Tile-based optimization for post processing

One way to optimize heavy post processing shaders is to determine which parts of the screen could use a simpler version. The simplest form of this is use branching in the shader code to early exit or switch to a variant with reduced sample count or computations. This comes with a downside that even the parts where early exit occur, must allocate as many hardware resources (registers or groupshared memory) as the heaviest path. Also, branching in the shader code can be expensive when the branch condition is not uniform (for example: constant buffer values or SV_GroupID are uniform, but texture coordinates or SV_DispatchThreadID are not), because multiple threads can potentially branch differently and cause divergence in execution and additional instructions.

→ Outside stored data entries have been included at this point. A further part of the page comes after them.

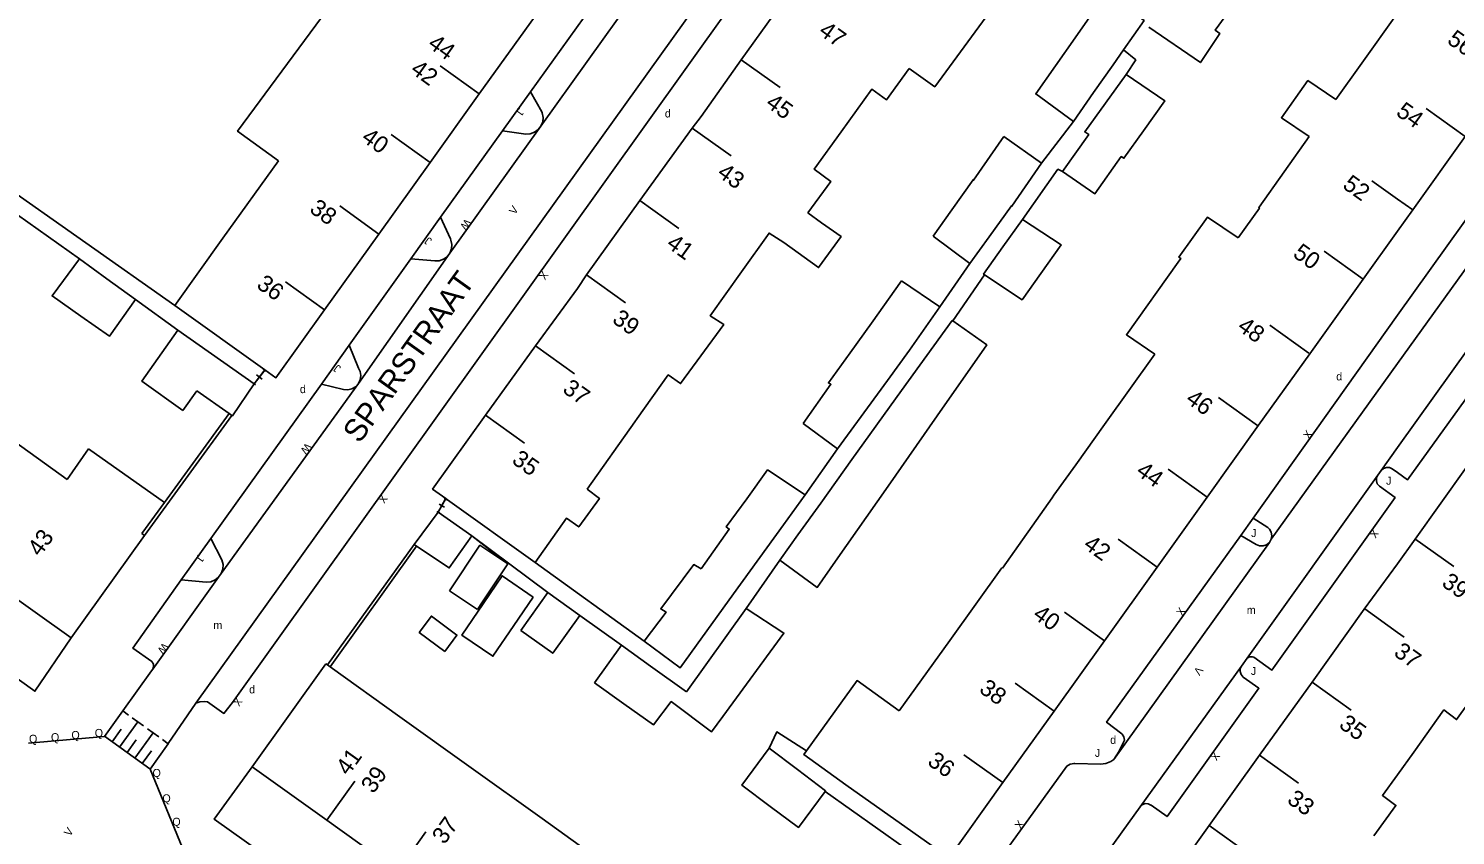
# Model space of a CAD drawing. Extents: x 134999 to 136502, y 457398 to 459002.
# Drawn here: x 135414.5 to 135503.6, y 457448.2 to 457498.6 of the extents above; entities that cross this region are included whole.
import ezdxf

# ---------------------------------------------------------------- set-up
doc = ezdxf.new("R2010")
doc.units = 0
for name, color, linetype in [('RI_DGTB_15', 7, 'Continuous'), ('RI_DGTB_23', 7, 'Continuous'), ('RI_DGTB_29', 7, 'Continuous'), ('RI_DGTB_30', 7, 'Continuous'), ('RI_DGTB_31', 7, 'Continuous'), ('RI_DGTB_35', 7, 'Continuous'), ('RI_DGTB_36', 7, 'Continuous'), ('RI_DGTB_37', 7, 'Continuous'), ('RI_DGTB_4', 7, 'Continuous'), ('RI_DGTB_43', 7, 'Continuous'), ('RI_DGTB_48', 7, 'Continuous'), ('RI_DGTB_5', 7, 'Continuous'), ('RI_DGTB_53', 7, 'Continuous'), ('RI_DGTB_54', 7, 'Continuous'), ('RI_DGTB_6', 7, 'Continuous')]:
    doc.layers.add(name, color=color, linetype=linetype)

msp = doc.modelspace()

# ---------------------------------------------------------------- linework, layer by layer
at = {"layer": 'RI_DGTB_15'}
for p, q in [((135459.001, 457496.658), (135461.441, 457494.913)), ((135442.64, 457494.517), (135440.202, 457496.264)), ((135504.228, 457491.852), (135501.788, 457493.597)), ((135439.569, 457490.229), (135437.131, 457491.976)), ((135455.93, 457492.383), (135458.37, 457490.638)), ((135500, 457487.937), (135498.402, 457489.08)), ((135436.357, 457485.745), (135433.935, 457487.513)), ((135452.672, 457487.848), (135455.112, 457486.103)), ((135500.945, 457487.267), (135500, 457487.937)), ((135497.85, 457482.939), (135495.41, 457484.685)), ((135449.335, 457483.202), (135451.775, 457481.457)), ((135432.978, 457481.028), (135430.54, 457482.775)), ((135494.459, 457478.309), (135492.019, 457480.055)), ((135446.151, 457478.77), (135448.591, 457477.025)), ((135491.259, 457473.796), (135488.819, 457475.542)), ((135443.034, 457474.431), (135445.474, 457472.686)), ((135488.113, 457469.317), (135485.673, 457471.063)), ((135484.978, 457464.931), (135482.538, 457466.677)), ((135501.079, 457466.713), (135503.522, 457464.972)), ((135481.696, 457460.341), (135479.193, 457462.132)), ((135497.957, 457462.329), (135500, 457460.862)), ((135500, 457460.862), (135500.412, 457460.56)), ((135478.547, 457455.936), (135476.107, 457457.682)), ((135494.658, 457457.756), (135497.095, 457456.006)), ((135475.354, 457451.47), (135472.914, 457453.216)), ((135491.382, 457453.187), (135493.819, 457451.437)), ((135433.115, 457449.117), (135434.86, 457451.558)), ((135437.555, 457445.942), (135439.3, 457448.383)), ((135488.229, 457448.789), (135490.666, 457447.039))]:
    msp.add_line(p, q, dxfattribs=at)
at = {"layer": 'RI_DGTB_23'}
msp.add_line((135428.572, 457476.401), (135429.243, 457477.27), dxfattribs=at)
at = {"layer": 'RI_DGTB_31'}
for p, q in [((135420.373, 457455.949), (135420.727, 457455.693)), ((135420.963, 457455.523), (135421.671, 457455.011)), ((135419.702, 457454.027), (135420.273, 457454.817)), ((135420.174, 457453.686), (135421.317, 457455.267)), ((135421.117, 457453.003), (135422.26, 457454.584)), ((135421.906, 457454.84), (135422.614, 457454.328)), ((135419.23, 457454.368), (135422.061, 457452.321)), ((135420.645, 457453.345), (135421.217, 457454.135)), ((135422.85, 457454.158), (135423.204, 457453.902)), ((135421.589, 457452.662), (135422.161, 457453.453))]:
    msp.add_line(p, q, dxfattribs=at)
at = {"layer": 'RI_DGTB_4'}
for p, q in [((135459.001, 457496.658), (135462.228, 457501.151)), ((135446.129, 457499.387), (135442.64, 457494.517)), ((135439.569, 457490.229), (135442.64, 457494.517)), ((135452.672, 457487.848), (135455.93, 457492.383)), ((135504.228, 457491.852), (135500.945, 457487.267)), ((135436.357, 457485.745), (135439.569, 457490.229)), ((135449.335, 457483.202), (135452.672, 457487.848)), ((135500.945, 457487.267), (135500, 457485.946)), ((135432.978, 457481.028), (135436.357, 457485.745)), ((135500, 457485.946), (135497.85, 457482.939)), ((135497.85, 457482.939), (135494.513, 457478.27)), ((135423.623, 457481.289), (135429.243, 457477.27)), ((135443.034, 457474.431), (135446.151, 457478.77)), ((135494.513, 457478.27), (135491.321, 457473.805)), ((135491.321, 457473.805), (135488.113, 457469.317)), ((135422.974, 457468.984), (135418.233, 457472.329)), ((135501.103, 457466.696), (135504.31, 457471.196)), ((135422.974, 457468.984), (135421.562, 457467.037)), ((135488.113, 457469.317), (135484.978, 457464.931)), ((135421.562, 457467.037), (135421.724, 457466.92)), ((135417.141, 457460.514), (135421.724, 457466.92)), ((135500, 457465.15), (135501.103, 457466.696)), ((135484.978, 457464.931), (135481.696, 457460.341)), ((135497.921, 457462.308), (135500, 457465.15)), ((135412.26, 457464.007), (135417.141, 457460.514)), ((135494.658, 457457.756), (135497.921, 457462.308)), ((135481.696, 457460.341), (135478.547, 457455.936)), ((135433.064, 457458.886), (135428.447, 457452.454)), ((135491.382, 457453.187), (135494.658, 457457.756)), ((135478.547, 457455.936), (135475.354, 457451.47)), ((135488.229, 457448.789), (135491.382, 457453.187)), ((135428.447, 457452.454), (135433.115, 457449.117)), ((135433.115, 457449.117), (135437.555, 457445.942)), ((135485.025, 457444.32), (135488.229, 457448.789))]:
    msp.add_line(p, q, dxfattribs=at)
for points in [[(135459.001, 457496.658), (135456.491, 457493.108), (135455.93, 457492.383)], [(135446.151, 457478.77), (135448.769, 457482.362), (135449.335, 457483.202)], [(135429.243, 457477.27), (135429.933, 457476.777), (135432.978, 457481.028)], [(135440.547, 457469.228), (135439.721, 457469.819), (135443.034, 457474.431)], [(135440.649, 457469.155), (135440.547, 457469.228)], [(135446.125, 457465.234), (135440.649, 457469.155)], [(135465.542, 457451.338), (135471.987, 457446.759)], [(135471.987, 457446.759), (135475.354, 457451.47)]]:
    msp.add_lwpolyline(points, dxfattribs=at)
at = {"layer": 'RI_DGTB_48'}
for p, q in [((135428.572, 457476.401), (135429.243, 457477.27)), ((135428.572, 457476.401), (135429.235, 457477.26)), ((135429.075, 457476.698), (135428.732, 457476.963)), ((135429.321, 457477.194), (135429.149, 457477.326)), ((135428.658, 457476.335), (135428.486, 457476.467)), ((135440.079, 457468.371), (135440.547, 457469.228)), ((135440.079, 457468.371), (135440.531, 457469.198)), ((135440.47, 457468.694), (135440.14, 457468.875)), ((135440.614, 457469.153), (135440.448, 457469.243)), ((135440.162, 457468.326), (135439.996, 457468.416))]:
    msp.add_line(p, q, dxfattribs=at)
at = {"layer": 'RI_DGTB_5'}
for p, q in [((135500, 457499.566), (135497.771, 457496.449)), ((135497.771, 457496.449), (135496.14, 457494.169)), ((135494.486, 457491.848), (135491.348, 457487.445)), ((135426.63, 457485.491), (135430.097, 457490.337)), ((135423.623, 457481.289), (135426.63, 457485.491)), ((135484.84, 457478.256), (135481.697, 457473.86)), ((135452.361, 457474.014), (135452.511, 457474.225)), ((135412.628, 457473.48), (135416.894, 457470.424)), ((135449.373, 457469.804), (135452.361, 457474.014)), ((135481.697, 457473.86), (135479.894, 457471.338)), ((135416.894, 457470.424), (135418.233, 457472.329)), ((135479.894, 457471.338), (135478.54, 457469.445)), ((135478.418, 457469.275), (135475.319, 457464.868)), ((135478.54, 457469.445), (135478.418, 457469.275)), ((135472.028, 457460.361), (135468.865, 457455.961)), ((135433.064, 457458.886), (135433.163, 457458.832)), ((135433.163, 457458.832), (135433.326, 457458.715)), ((135433.326, 457458.715), (135437.681, 457455.591)), ((135437.681, 457455.591), (135442.134, 457452.397)), ((135501.011, 457453.375), (135500, 457451.96)), ((135446.56, 457449.221), (135442.134, 457452.397)), ((135451.135, 457445.939), (135446.56, 457449.221))]:
    msp.add_line(p, q, dxfattribs=at)
for points in [[(135471.691, 457501.15), (135474.306, 457499.335), (135471.088, 457494.967), (135469.497, 457496.098)], [(135433.856, 457500.753), (135430.67, 457496.428)], [(135430.67, 457496.428), (135427.543, 457492.184), (135430.097, 457490.337)], [(135465.248, 457492.15), (135467.155, 457494.812), (135468.081, 457494.151), (135469.497, 457496.098)], [(135496.14, 457494.169), (135494.404, 457495.352), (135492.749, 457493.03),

Instead of branching, we can consider to have multiple different shaders with different complexities and use the DispatchIndirect functionality of DX11+ graphics APIs. The idea is to first determine which parts of the screen will require what kind of complexity, this will be done per tile. A tile could be for example at 32×32 or 16×16 pixels in size, but it could depend on the kind of post process. What do I mean by complexity? Let’s take depth of field for example. Depth of field is used to focus on an object and make it sharp, while making the foreground and background blurry. The part of the screen that will appear completely sharp will use early exit shader, without doing any blurring. The other parts of the screen will instead perform a blur. For a more complex depth of field effect, such as the one described in Siggraph 2014 by Jorge Jimenez as “scatter-as-you-gather” depth of field (such a great presentation!), the blur can be separated into two kinds. A simple blur can be used where the whole tile contains similar CoC (Circle of Confusion – the amount of blur, basically), and a more expensive weighted blur will be used in the tiles where there are vastly different CoC values. With this knowledge we can design a prepass shader that classifies tiles as how complex shader they require. After that, we just DispatchIndirect multiple times back to back – one for each complexity and using different shaders. This requies a lot of setup work, so it’s a good idea to leave it for last step in the optimizations.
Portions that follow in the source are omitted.